Elected mayor of Iași in 1914, he served for two years. Near the end of his term, Mârzescu had to grapple with the logistical difficulties created by Iași‘s becoming the temporary capital of Romania, an event occasioned by military losses and the fall of Bucharest in World War I. He worked to ensure an adequate food supply and sought to house refugees, whose influx swelled the city’s population to around 400,000. In November 1916, he became vice president of the Chamber of Deputies. From December 1916 to January 1918, he was agriculture minister in the cabinet of Ion I. C. Brătianu, whom he supported consistently. This was a coalition government between the PNL and the Conservative-Democratic Party. Seeing food production as essential to the war effort, he and those around him took special measures: creating agricultural advisers with enhanced powers and county-level military structures; directing agronomists to draw up harvest plans at the commune and county level; ordering the land owned by mobilized troops to be farmed without pay by those left behind; buying up with state funds all excess grain in order to combat speculation; ordering all agricultural laborers, regardless of age or sex, to be requisitioned for farm work.

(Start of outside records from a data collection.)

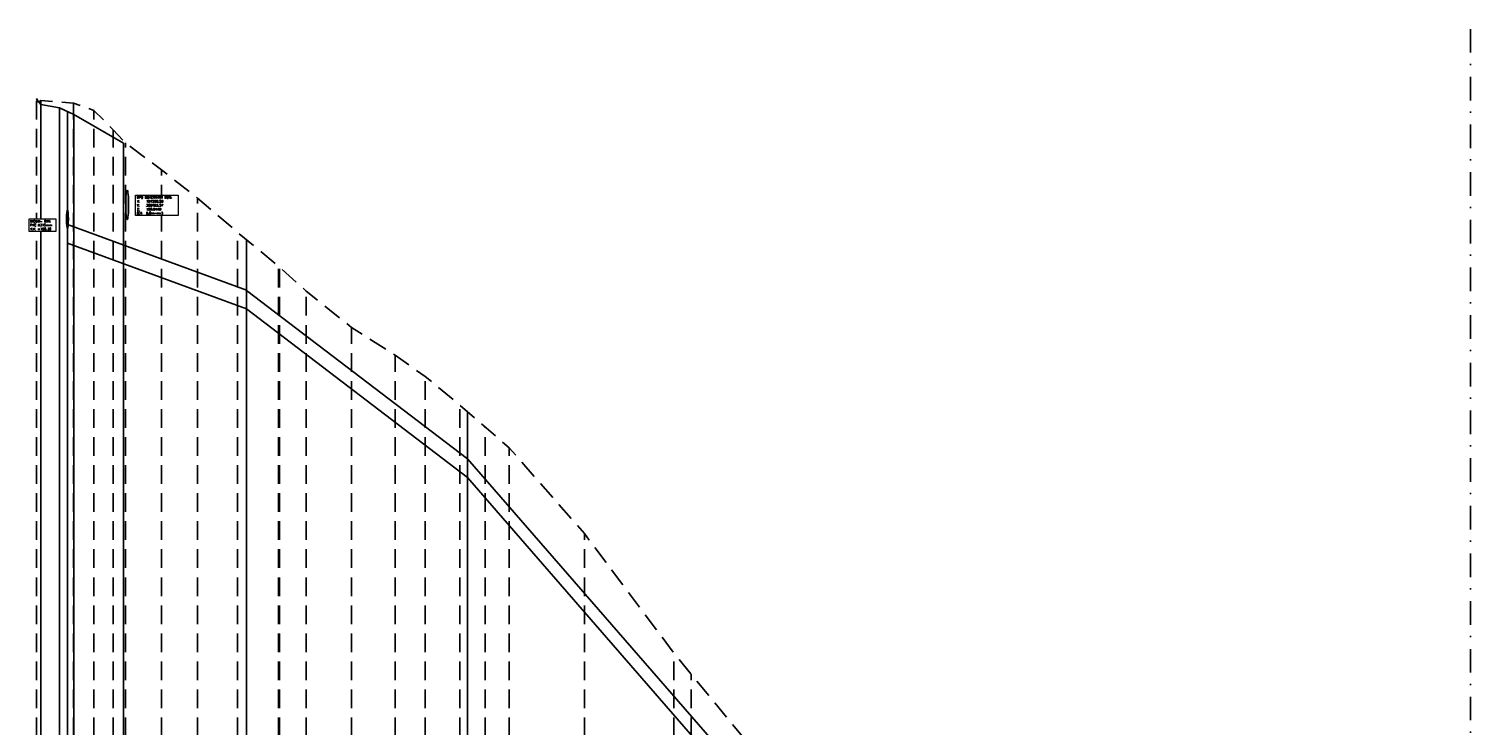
# Model space of a CAD drawing. Header units: metres. Extents: x -29 to 628, y 223 to 574.
# Tile 4 of 11: x 2 to 249, y 455 to 574. Entities that reach past the tile are written whole.
import ezdxf

# ---------------------------------------------------------------- set-up
doc = ezdxf.new("R2010")
doc.units = ezdxf.units.M
doc.linetypes.add('1-500 DASHED', pattern=[4.7625, 3.175, -1.5875])
doc.linetypes.add('DASHDOT', pattern=[2, 1, -0.5, 0, -0.5])
for name, color, linetype in [('PH-100', 2, 'Continuous'), ('PH-BESTAAND', 8, '1-500 DASHED'), ('PH-RIO-STRENG-RWA', 150, 'Continuous')]:
    doc.layers.add(name, color=color, linetype=linetype)
doc.styles.add('ROMANS', font='romans.shx')

msp = doc.modelspace()

# ---------------------------------------------------------------- linework, layer by layer
at = {"layer": 'PH-BESTAAND', "color": 7, "linetype": 'DASHDOT', "ltscale": 4}
msp.add_line((247.28, 573.85), (247.28, 287.05), dxfattribs=at)
at = {"layer": 'PH-BESTAAND'}
for p, q in [((3.57, 287.05), (3.57, 562.05)), ((4.29, 287.05), (4.29, 561.75)), ((9.83, 287.05), (9.83, 561.25)), ((13.31, 287.05), (13.31, 560.05)), ((16.61, 287.05), (16.61, 556.75)), ((18.67, 287.05), (18.67, 554.55)), ((24.78, 287.05), (24.78, 549.95)), ((30.93, 287.05), (30.93, 545.15)), ((37.71, 287.05), (37.71, 539.35)), ((44.7, 287.05), (44.7, 533.55)), ((44.83, 287.05), (44.83, 533.43)), ((49.4, 287.05), (49.4, 529.35)), ((57.12, 287.05), (57.12, 523.15)), ((64.5, 287.05), (64.5, 518.45)), ((69.6, 287.05), (69.6, 514.85)), ((75.53, 287.05), (75.53, 509.95)), ((79.83, 287.05), (79.83, 506.24)), ((83.88, 287.05), (83.88, 502.75)), ((96.68, 287.05), (96.68, 488.15)), ((111.89, 287.05), (111.89, 467.85)), ((114.83, 287.05), (114.83, 464.27))]:
    msp.add_line(p, q, dxfattribs=at)
at = {"layer": 'PH-BESTAAND', "flags": 128}
msp.add_lwpolyline([(3.57, 562.05), (3.92, 561.45), (4.29, 561.75), (9.83, 561.25), (13.31, 560.05), (16.61, 556.75), (18.67, 554.55), (24.78, 549.95), (30.93, 545.15), (37.71, 539.35), (44.7, 533.55), (49.4, 529.35), (57.12, 523.15), (64.5, 518.45), (69.6, 514.85), (75.53, 509.95), (83.88, 502.75), (96.68, 488.15), (111.89, 467.85), (123.89, 453.25), (135.91, 439.15), (147.67, 426.95), (158.29, 417.25), (162.92, 412.15), (179.07, 400.85), (182.03, 398.75), (193.68, 389.55), (202.8, 382.75), (214.05, 374.36), (225.09, 364.95), (230.89, 360.15), (238.14, 351.75), (247.28, 342.05), (252.18, 337.02)], dxfattribs=at)
at = {"layer": 'PH-RIO-STRENG-RWA', "color": 2}
for p, q in [((4.29, 561.05), (3.57, 561.97)), ((4.29, 561.05), (4.29, 287.05)), ((7.47, 560.45), (4.29, 561.05)), ((7.47, 287.05), (7.47, 560.45)), ((9.9, 559.35), (7.47, 560.45)), ((9.9, 287.05), (9.9, 559.35)), ((18.37, 554.45), (9.9, 559.35)), ((18.37, 287.05), (18.37, 554.45))]:
    msp.add_line(p, q, dxfattribs=at)
at = {"layer": 'PH-RIO-STRENG-RWA'}
for p, q in [((8.82, 287.05), (8.82, 559.84)), ((39.23, 529.48), (8.82, 540.65)), ((39.23, 526.33), (8.82, 537.5)), ((39.23, 287.05), (39.23, 538.09)), ((76.8, 287.05), (76.8, 508.85))]:
    msp.add_line(p, q, dxfattribs=at)
for points in [[(39.24, 529.47), (76.8, 500.85), (155.33, 410.58)], [(39.24, 526.32), (76.8, 497.7), (155.23, 407.5)]]:
    msp.add_lwpolyline(points, dxfattribs=at)
msp.add_ellipse((8.82, 541.57), major_axis=(0, 1.57), ratio=0.1, dxfattribs=at)

# ---------------------------------------------------------------- next in the draw order: texts
at = {"layer": 'PH-100', "color": 8, "lineweight": 9, "char_height": 0.4, "attachment_point": 1, "style": 'ROMANS', "bg_fill": 19, "box_fill_scale": 1.5, "bg_fill_color": 256, "bg_fill_transparency": 0}
for s, width, insert in [('DPO {\\A1;BOVENKANT BUIS:\\P}X:^I191299.59 {\\A1;\\P}Y:^I{\\A1;3}09493.57 {\\A1;\\P}Z:^I190.9449\\P(CA.^I0,8m-mv)', 6.8202, (20.59, 545.46)), ('NIEUW- RWA\\PPVC %%C315mm\\PV.V. +190.30', 4.153, (2.5, 541.42))]:
    msp.add_mtext_dynamic_manual_height_columns(s, width=width, gutter_width=1, heights=[0], dxfattribs=dict(at, insert=insert))

# ---------------------------------------------------------------- next in the draw order: hatches: boundary and pattern name
at = {"layer": 'PH-RIO-STRENG-RWA'}
h = msp.add_hatch(color=2, dxfattribs=at)
h.dxf.hatch_style = 1
edge = h.paths.add_edge_path()
edge.add_ellipse((18.97, 544), major_axis=(0, 2.5), ratio=0.1, start_angle=0, end_angle=360)

# ---------------------------------------------------------------- next in the draw order: linework, layer by layer
at = {"layer": 'PH-RIO-STRENG-RWA', "color": 2}
msp.add_ellipse((18.97, 544), major_axis=(0, 2.5), ratio=0.1, dxfattribs=at)

doc.saveas('drawing.dxf')

In November 1918, he was made Interior Minister, serving until the following September. His term coincided with worsening economic conditions that gave rise to social unrest that forces under his command were tasked with controlling. In On December 13, 1918, a typesetters' protest in front of the National Theatre in the capital clashed with Vânători de munte troops, leaving six dead and numerous injured. The government blamed the incident on "Bolshevik elements" inspired by "anarchists in Russia" and "revolutionaries in Pest"; among the socialist leaders arrested was I. C. Frimu. The following month, the government permitted socialist newspapers to publish again and their offices to reopen, while most of those detained were freed.

From 1922 to 1923 he was Labor and Social Protection Minister, and Justice Minister from 1923 to 1926. In that capacity, he pushed through a number of laws; among the subjects these dealt with were acquisition and loss of Romanian citizenship; combating offenses against public order; simplifying legal procedures for speedier trials; reorganizing courts, particularly in the territories acquired at the end of the war; restricting firearm ownership; simplifying procedures for heirs of those killed in action during the war; reforming the High Court of Cassation and Justice; and setting up a Legislative Council—the last two in pursuance of the new 1923 Constitution. The citizenship law allowed for the naturalization of Jews, which made Mârzescu a leading target for assassination by far right activist Corneliu Zelea Codreanu and his allies.

Finally, Mârzescu championed a proposal that became known as the "Mârzescu Law", adopted in February 1924, that banned "extremist" parties and organizations. The law targeted the Romanian Communist Party (PCdR), which was banned that April. It was motivated by an increased activity of the party and its support for self-determination to the point of secession of Bessarabia, Dobruja and Transylvania. The law, which effectively reduced the Communist group to a base of committed activists, was advocated by all the major political forces, ever since the party had publicized its pro-Comintern platform.

He died of a serious illness in 1926 in Bucharest; at the time, he was president of the Iași PNL chapter. He had two daughters and a son, and was buried alongside his father in the Eternitatea cemetery. A primary school in Iași bears his name.